Consequently, Nigeria became an instrument of capital formation and consolidation thereby rendering it a contested commodity. Tribes that feel marginalised by the British imposed structures and policies struggle for, protest, and threatened to quit the union if the injustice was not redressed. This generated new forms of structural subordinations known as integration policies that tend to elongate both the imbalance and the instability that is associated with it. History has equally shown that the dominant ruling elites have equally frustrated, sabotaged, and threatened or have actually used force (such as military coups) to undermine genuine efforts at balancing the federal structure. Many researchers and pro neo-liberal interests have incorrectly blamed corruption for the failure of these policies. It is the author’s contention that preserving the dominant ethnic or regional interest subordinates the corruption thesis because Nigeria has a paraphernalia of anti-corruption agencies who ought to try and punish offenders. They are politically and socio-ethnically incapacitated from investigating and prosecuting such offenders. Thus, every national policy aimed at minimising the phobic tribal rivalry end-up re-enforcing the divisive factors in the union.

It is therefore pertinent for this paper to recommend that Nigeria should review its federal system of government and introduce a conventional federal system with limited autonomy to the federating units.

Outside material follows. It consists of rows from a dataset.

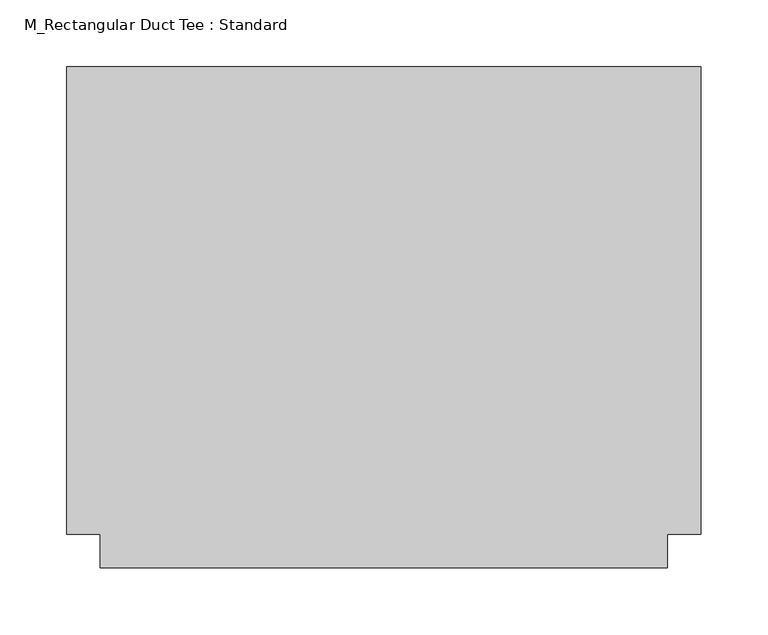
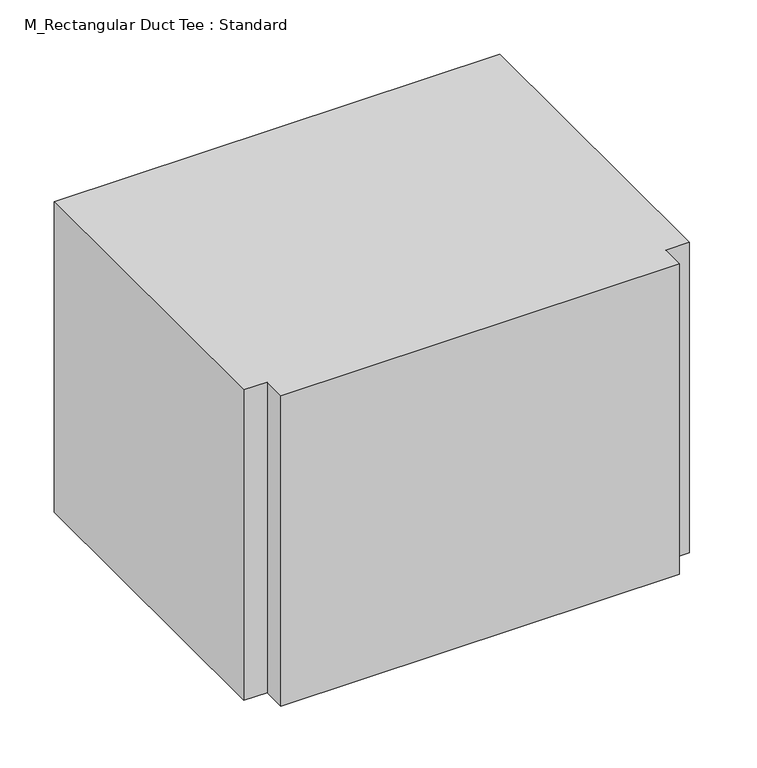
"""IFC4 building model written with IfcOpenShell, lengths in millimetres: duct fitting geometry, M_Rectangular Duct Tee : Standard."""

from ifc_helpers import new_model, si_unit, frame, origin, place, context, project, spatial, polyline, outline, extrude, source, transform, mapped, element, save


def m_rectangular_duct_tee_standard_d7adc033(model_context):
    return source(origin(), model_context, "Body", "SweptSolid", [
        extrude(outline(polyline([(-237.5, -175.0), (-237.5, 175.0), (237.5, 175.0), (237.5, -175.0), (212.5, -175.0), (212.5, -200.0), (-212.5, -200.0), (-212.5, -175.0), (-237.5, -175.0)])), frame((0.0, 0.0, -175.0), z_axis=(0.0, 0.0, 1.0), x_axis=(1.0, 0.0, 0.0)), (0.0, 0.0, 1.0), 350.0),
        extrude(outline(polyline([(-237.5, 175.0), (237.5, 175.0), (237.5, -175.0), (212.5, -175.0), (212.5, -200.0), (-212.5, -200.0), (-212.5, -175.0), (-237.5, -175.0), (-237.5, 175.0)])), frame((0.0, 0.0, -175.0), z_axis=(0.0, 0.0, 1.0), x_axis=(1.0, 0.0, 0.0)), (0.0, 0.0, 1.0), 350.0),
        extrude(outline(polyline([(-237.5, -175.0), (-237.5, 175.0), (237.5, 175.0), (237.5, -175.0), (212.5, -175.0), (212.5, -200.0), (-212.5, -200.0), (-212.5, -175.0), (-237.5, -175.0)])), frame((0.0, 0.0, -175.0), z_axis=(0.0, 0.0, 1.0), x_axis=(1.0, 0.0, 0.0)), (0.0, 0.0, 1.0), 350.0),
    ])


if __name__ == "__main__":
    model = new_model("IFC4")
    model_context = context("Model", 3, world=origin())
    ifc_project = project(units=[si_unit("LENGTHUNIT", "METRE", prefix="MILLI")], contexts=[model_context])
    site = spatial("IfcSite", under=ifc_project)
    building = spatial("IfcBuilding", under=site)
    placement = place(None, origin())
    m_rectangular_duct_tee_standard_shape = m_rectangular_duct_tee_standard_d7adc033(model_context)
    element("IfcDuctFitting", 1, ObjectType="M_Rectangular Duct Tee : Standard", at=placement, inside=building, context=model_context, shape_type="MappedRepresentation", body=[
        mapped(m_rectangular_duct_tee_standard_shape, transform((0.0, 0.0, 0.0), x_axis=(1.0, 0.0, 0.0), y_axis=(0.0, 1.0, 0.0), z_axis=(0.0, 0.0, 1.0))),
    ])
    save(model, "model.ifc")

Or in the alternative introduce a parliamentary system of government with limited regional autonomy. Any of these will reduce power concentration at the centre and  reduce the battle for its control as a source ethnic domination and capital formation. Secondly, Nigeria should adopt rotational presidency in an alphabetical order among the current six geopolitical zones. Thirdly, merit and skills should be introduced as the yardsticks for appointments and contracts as all the ethnic groups are now technically and educationally equipped. Fourthly, state and local of origin should be expunged and replaced with place of residence in peoples curriculum vitae and public profiles. Finally, a Need Assessment Commission should be established with the responsibility to continuously evaluate the problems and needs of states in Nigeria, and through there provide the legal ratio for revenue sharing on annual basis. 


 CONFLICT OF INTERESTS

The authors have not declared any conflict of interests.